August 17, 2011 13:37
Two teenagers who live near a U.S. military base in Korea are suffering from leukemia and two other locals died of the disease in their 20s about 10 years ago, a member of a civilian fact-finding team said on Tuesday.
Some U.S. veterans recently revealed that the U.S. Forces Korea base of Camp Carroll in Chilgok, North Gyeongsang Province was one of the sites used as a dump for hazardous and toxic materials, including the lethal defoliant Agent Orange between 1977 and 1982.
The government plans to investigate whether contaminated groundwater from the camp caused the disease.

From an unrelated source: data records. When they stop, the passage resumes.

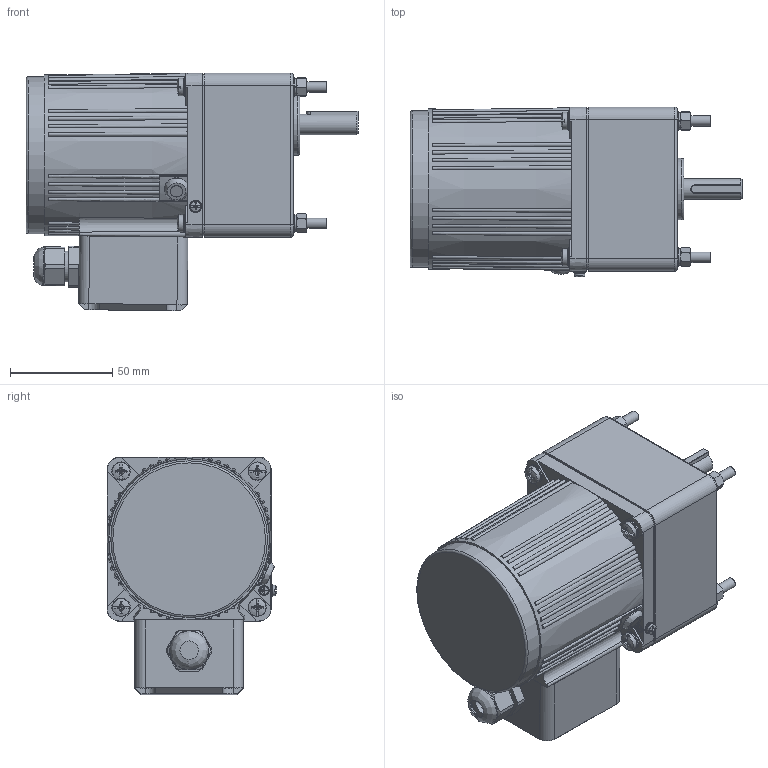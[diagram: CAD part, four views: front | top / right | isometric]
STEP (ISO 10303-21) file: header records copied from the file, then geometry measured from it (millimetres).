
FILE_DESCRIPTION(/* description */ (''),/* implementation_level */ '2;1');
FILE_NAME(/* name */ '4RK25-30GNC-4GN25-750K-C·10T常规接线盒.stp',/* time_stamp */ '2025-04-13T15:02:41+08:00',/* author */ (''),/* organization */ (''),/* preprocessor_version */ 'ST-DEVELOPER v18.102',/* originating_system */ 'SIEMENS PLM Software NX 2027',/* authorisation */ '');
FILE_SCHEMA (('AP203_CONFIGURATION_CONTROLLED_3D_DESIGN_OF_MECHANICAL_PARTS_AND_ASSEMBLIES_MIM_LF { 1 0 10303 403 2 1 2}'));
Length unit declared in the file: millimetre
Products named in the file (1): 4RK25-30CC-4GN25-750K-C·10T_stp_objects
Bounding box: 162 x 82.78 x 115.89 mm (x, y, z)
Volume: 742629.1 mm3; surface area: 111027.7 mm2
Topology: 21 solids, 22 shells, 984 faces, 2501 edges, 1613 vertices
Faces by surface type: plane 367, bspline 237, cylinder 183, cone 131, torus 48, sphere 14, revolution 4
Full cylindrical faces by diameter (mm): 2.6 x1, 2.7 x1, 3.2 x1, 4 x1, 4.351 x4, 4.4 x1, 4.5 x4, 4.6 x4, 5 x5, 5.1 x1, 5.3 x8, 6 x10, 6.5 x4, 8.2 x1, 8.5 x4, 9 x9, 10 x1, 10.5 x1, 12 x1, 15 x2, 16 x1, 18 x1, 19 x2, 26 x1, 30 x1, 56 x1, 67 x1, 73 x1, 75 x2, 76.5 x1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
Entity records: 35649 total; most frequent: CARTESIAN_POINT 14973, ORIENTED_EDGE 4600, DIRECTION 3256, EDGE_CURVE 2300, VERTEX_POINT 1546, AXIS2_PLACEMENT_3D 1330, EDGE_LOOP 1221, B_SPLINE_CURVE_WITH_KNOTS 1119
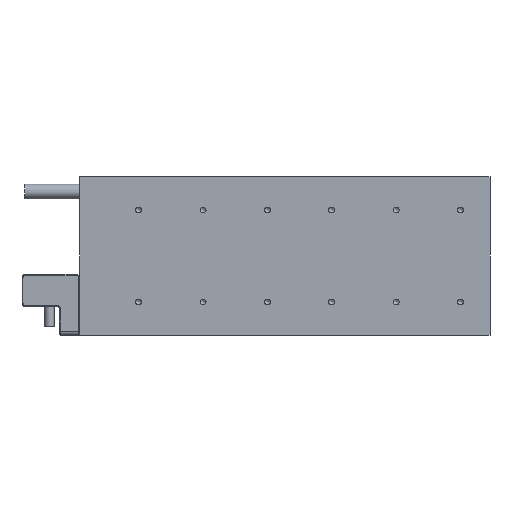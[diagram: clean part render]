
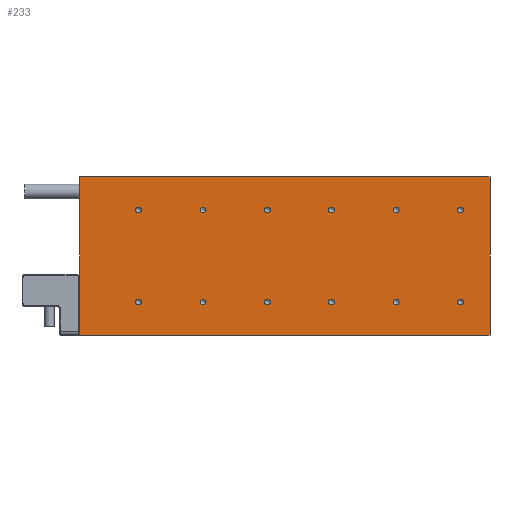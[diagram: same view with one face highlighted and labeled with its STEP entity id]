
A CAD part, front view. The second image highlights one B-rep face of the part: STEP entity #233.
In plain terms, the highlighted planar face has unit normal (0, -1, 0).
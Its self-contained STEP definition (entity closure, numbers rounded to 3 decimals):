
#233 = ADVANCED_FACE( '', ( #505, #506, #507, #508, #509, #510, #511, #512, #513, #514, #515, #516, #517 ), #518, .T. );
#505 = FACE_BOUND( '', #847, .T. );
#506 = FACE_BOUND( '', #848, .T. );
#507 = FACE_BOUND( '', #849, .T. );
#508 = FACE_BOUND( '', #850, .T. );
#509 = FACE_BOUND( '', #851, .T. );
#510 = FACE_BOUND( '', #852, .T. );
#511 = FACE_BOUND( '', #853, .T. );
#512 = FACE_BOUND( '', #854, .T. );
#513 = FACE_BOUND( '', #855, .T. );
#514 = FACE_BOUND( '', #856, .T. );
#515 = FACE_BOUND( '', #857, .T. );
#516 = FACE_BOUND( '', #858, .T. );
#517 = FACE_OUTER_BOUND( '', #859, .T. );
#518 = PLANE( '', #860 );
#847 = EDGE_LOOP( '', ( #1325 ) );
#848 = EDGE_LOOP( '', ( #1326 ) );
#849 = EDGE_LOOP( '', ( #1327 ) );
#850 = EDGE_LOOP( '', ( #1328 ) );
#851 = EDGE_LOOP( '', ( #1329 ) );
#852 = EDGE_LOOP( '', ( #1330 ) );
#853 = EDGE_LOOP( '', ( #1331 ) );
#854 = EDGE_LOOP( '', ( #1332 ) );
#855 = EDGE_LOOP( '', ( #1333 ) );
#856 = EDGE_LOOP( '', ( #1334 ) );
#857 = EDGE_LOOP( '', ( #1335 ) );
#858 = EDGE_LOOP( '', ( #1336 ) );
#859 = EDGE_LOOP( '', ( #1337, #1338, #1339, #1340 ) );
#860 = AXIS2_PLACEMENT_3D( '', #1341, #1342, #1343 );
#1325 = ORIENTED_EDGE( '', *, *, #1719, .T. );
#1326 = ORIENTED_EDGE( '', *, *, #1804, .T. );
#1327 = ORIENTED_EDGE( '', *, *, #1828, .T. );
#1328 = ORIENTED_EDGE( '', *, *, #1829, .T. );
#1329 = ORIENTED_EDGE( '', *, *, #1783, .T. );
#1330 = ORIENTED_EDGE( '', *, *, #1830, .T. );
#1331 = ORIENTED_EDGE( '', *, *, #1831, .T. );
#1332 = ORIENTED_EDGE( '', *, *, #1813, .T. );
#1333 = ORIENTED_EDGE( '', *, *, #1832, .T. );
#1334 = ORIENTED_EDGE( '', *, *, #1721, .T. );
#1335 = ORIENTED_EDGE( '', *, *, #1833, .T. );
#1336 = ORIENTED_EDGE( '', *, *, #1834, .T. );
#1337 = ORIENTED_EDGE( '', *, *, #1835, .T. );
#1338 = ORIENTED_EDGE( '', *, *, #1836, .T. );
#1339 = ORIENTED_EDGE( '', *, *, #1710, .T. );
#1340 = ORIENTED_EDGE( '', *, *, #1810, .T. );
#1341 = CARTESIAN_POINT( '', ( 0., 0., 0. ) );
#1342 = DIRECTION( '', ( 0., -1., 0. ) );
#1343 = DIRECTION( '', ( 0., 0., -1. ) );
#1710 = EDGE_CURVE( '', #1960, #1961, #1962, .T. );
#1719 = EDGE_CURVE( '', #1976, #1976, #1977, .T. );
#1721 = EDGE_CURVE( '', #1979, #1979, #1980, .T. );
#1783 = EDGE_CURVE( '', #2073, #2073, #2074, .T. );
#1804 = EDGE_CURVE( '', #2102, #2102, #2103, .T. );
#1810 = EDGE_CURVE( '', #1961, #2111, #2112, .T. );
#1813 = EDGE_CURVE( '', #2115, #2115, #2116, .T. );
#1828 = EDGE_CURVE( '', #2132, #2132, #2133, .T. );
#1829 = EDGE_CURVE( '', #2134, #2134, #2135, .T. );
#1830 = EDGE_CURVE( '', #2136, #2136, #2137, .T. );
#1831 = EDGE_CURVE( '', #2138, #2138, #2139, .T. );
#1832 = EDGE_CURVE( '', #2140, #2140, #2141, .T. );
#1833 = EDGE_CURVE( '', #2142, #2142, #2143, .T. );
#1834 = EDGE_CURVE( '', #2144, #2144, #2145, .T. );
#1835 = EDGE_CURVE( '', #2111, #2146, #2147, .T. );
#1836 = EDGE_CURVE( '', #2146, #1960, #2148, .T. );
#1960 = VERTEX_POINT( '', #2297 );
#1961 = VERTEX_POINT( '', #2298 );
#1962 = LINE( '', #2299, #2300 );
#1976 = VERTEX_POINT( '', #2317 );
#1977 = CIRCLE( '', #2318, 1.621 );
#1979 = VERTEX_POINT( '', #2320 );
#1980 = CIRCLE( '', #2321, 1.621 );
#2073 = VERTEX_POINT( '', #2442 );
#2074 = CIRCLE( '', #2443, 1.621 );
#2102 = VERTEX_POINT( '', #2477 );
#2103 = CIRCLE( '', #2478, 1.621 );
#2111 = VERTEX_POINT( '', #2489 );
#2112 = LINE( '', #2490, #2491 );
#2115 = VERTEX_POINT( '', #2495 );
#2116 = CIRCLE( '', #2496, 1.621 );
#2132 = VERTEX_POINT( '', #2514 );
#2133 = CIRCLE( '', #2515, 1.621 );
#2134 = VERTEX_POINT( '', #2516 );
#2135 = CIRCLE( '', #2517, 1.621 );
#2136 = VERTEX_POINT( '', #2518 );
#2137 = CIRCLE( '', #2519, 1.621 );
#2138 = VERTEX_POINT( '', #2520 );
#2139 = CIRCLE( '', #2521, 1.621 );
#2140 = VERTEX_POINT( '', #2522 );
#2141 = CIRCLE( '', #2523, 1.621 );
#2142 = VERTEX_POINT( '', #2524 );
#2143 = CIRCLE( '', #2525, 1.621 );
#2144 = VERTEX_POINT( '', #2526 );
#2145 = CIRCLE( '', #2527, 1.621 );
#2146 = VERTEX_POINT( '', #2528 );
#2147 = LINE( '', #2529, #2530 );
#2148 = LINE( '', #2531, #2532 );
#2297 = CARTESIAN_POINT( '', ( 164., 0., -43. ) );
#2298 = CARTESIAN_POINT( '', ( 164., 0., 43. ) );
#2299 = CARTESIAN_POINT( '', ( 164., 0., -43. ) );
#2300 = VECTOR( '', #2692, 1000. );
#2317 = CARTESIAN_POINT( '', ( 148., 0., -26.621 ) );
#2318 = AXIS2_PLACEMENT_3D( '', #2705, #2706, #2707 );
#2320 = CARTESIAN_POINT( '', ( 8., 0., 23.379 ) );
#2321 = AXIS2_PLACEMENT_3D( '', #2708, #2709, #2710 );
#2442 = CARTESIAN_POINT( '', ( 78., 0., -26.621 ) );
#2443 = AXIS2_PLACEMENT_3D( '', #2790, #2791, #2792 );
#2477 = CARTESIAN_POINT( '', ( 148., 0., 23.379 ) );
#2478 = AXIS2_PLACEMENT_3D( '', #2817, #2818, #2819 );
#2489 = CARTESIAN_POINT( '', ( -59., 0., 43. ) );
#2490 = CARTESIAN_POINT( '', ( 59., 0., 43. ) );
#2491 = VECTOR( '', #2823, 1000. );
#2495 = CARTESIAN_POINT( '', ( 43., 0., 23.379 ) );
#2496 = AXIS2_PLACEMENT_3D( '', #2825, #2826, #2827 );
#2514 = CARTESIAN_POINT( '', ( 113., 0., -26.621 ) );
#2515 = AXIS2_PLACEMENT_3D( '', #2839, #2840, #2841 );
#2516 = CARTESIAN_POINT( '', ( 113., 0., 23.379 ) );
#2517 = AXIS2_PLACEMENT_3D( '', #2842, #2843, #2844 );
#2518 = CARTESIAN_POINT( '', ( 78., 0., 23.379 ) );
#2519 = AXIS2_PLACEMENT_3D( '', #2845, #2846, #2847 );
#2520 = CARTESIAN_POINT( '', ( 43., 0., -26.621 ) );
#2521 = AXIS2_PLACEMENT_3D( '', #2848, #2849, #2850 );
#2522 = CARTESIAN_POINT( '', ( 8., 0., -26.621 ) );
#2523 = AXIS2_PLACEMENT_3D( '', #2851, #2852, #2853 );
#2524 = CARTESIAN_POINT( '', ( -27., 0., -26.621 ) );
#2525 = AXIS2_PLACEMENT_3D( '', #2854, #2855, #2856 );
#2526 = CARTESIAN_POINT( '', ( -27., 0., 23.379 ) );
#2527 = AXIS2_PLACEMENT_3D( '', #2857, #2858, #2859 );
#2528 = CARTESIAN_POINT( '', ( -59., 0., -43. ) );
#2529 = CARTESIAN_POINT( '', ( -59., 0., 43. ) );
#2530 = VECTOR( '', #2860, 1000. );
#2531 = CARTESIAN_POINT( '', ( -59., 0., -43. ) );
#2532 = VECTOR( '', #2861, 1000. );
#2692 = DIRECTION( '', ( 0., 0., 1. ) );
#2705 = CARTESIAN_POINT( '', ( 148., 0., -25. ) );
#2706 = DIRECTION( '', ( 0., 1., 0. ) );
#2707 = DIRECTION( '', ( 0., 0., -1. ) );
#2708 = CARTESIAN_POINT( '', ( 8., 0., 25. ) );
#2709 = DIRECTION( '', ( 0., 1., 0. ) );
#2710 = DIRECTION( '', ( 0., 0., -1. ) );
#2790 = CARTESIAN_POINT( '', ( 78., 0., -25. ) );
#2791 = DIRECTION( '', ( 0., 1., 0. ) );
#2792 = DIRECTION( '', ( 0., 0., -1. ) );
#2817 = CARTESIAN_POINT( '', ( 148., 0., 25. ) );
#2818 = DIRECTION( '', ( 0., 1., 0. ) );
#2819 = DIRECTION( '', ( 0., 0., -1. ) );
#2823 = DIRECTION( '', ( -1., 0., 0. ) );
#2825 = CARTESIAN_POINT( '', ( 43., 0., 25. ) );
#2826 = DIRECTION( '', ( 0., 1., 0. ) );
#2827 = DIRECTION( '', ( 0., 0., -1. ) );
#2839 = CARTESIAN_POINT( '', ( 113., 0., -25. ) );
#2840 = DIRECTION( '', ( 0., 1., 0. ) );
#2841 = DIRECTION( '', ( 0., 0., -1. ) );
#2842 = CARTESIAN_POINT( '', ( 113., 0., 25. ) );
#2843 = DIRECTION( '', ( 0., 1., 0. ) );
#2844 = DIRECTION( '', ( 0., 0., -1. ) );
#2845 = CARTESIAN_POINT( '', ( 78., 0., 25. ) );
#2846 = DIRECTION( '', ( 0., 1., 0. ) );
#2847 = DIRECTION( '', ( 0., 0., -1. ) );
#2848 = CARTESIAN_POINT( '', ( 43., 0., -25. ) );
#2849 = DIRECTION( '', ( 0., 1., 0. ) );
#2850 = DIRECTION( '', ( 0., 0., -1. ) );
#2851 = CARTESIAN_POINT( '', ( 8., 0., -25. ) );
#2852 = DIRECTION( '', ( 0., 1., 0. ) );
#2853 = DIRECTION( '', ( 0., 0., -1. ) );
#2854 = CARTESIAN_POINT( '', ( -27., 0., -25. ) );
#2855 = DIRECTION( '', ( 0., 1., 0. ) );
#2856 = DIRECTION( '', ( 0., 0., -1. ) );
#2857 = CARTESIAN_POINT( '', ( -27., 0., 25. ) );
#2858 = DIRECTION( '', ( 0., 1., 0. ) );
#2859 = DIRECTION( '', ( 0., 0., -1. ) );
#2860 = DIRECTION( '', ( 0., 0., -1. ) );
#2861 = DIRECTION( '', ( 1., 0., 0. ) );

A member of the team who conducted health tests on residents near Camp Carroll said, "The groundwater that locals have long been drinking is contaminated with leukemia-causing chemicals such as tetrachloroethylene [also known as perchloroethene or PCE] and trichloroethylene or TCE. We need to investigate if they contracted leukemia due to the chemicals from the U.S. base."
PCE and TCE are contained mainly in solvents. They have been linked to leukemia and liver cancer, and are toxic to the nervous and reproductive systems.
The fact-finding team will announce their findings on Wednesday. In a meeting with the ruling Grand National Party, the Environment Ministry said, "The government will decide whether to conduct health tests of its own on residents near Camp Carroll after the civilian team announces its findings. At the moment, we're making preliminary arrangements."
According to a survey in June by the joint Korea-U.S. investigation team after the veterans' revelation, the amount of PCE in nearby groundwater was over 26 times the permissible level for drinking water.
In an environmental survey of Camp Carroll conducted by Samsung C&T Corporation in 2004, the amount of PCE was more than 1,000 times the permissible level, the USFK admitted earlier.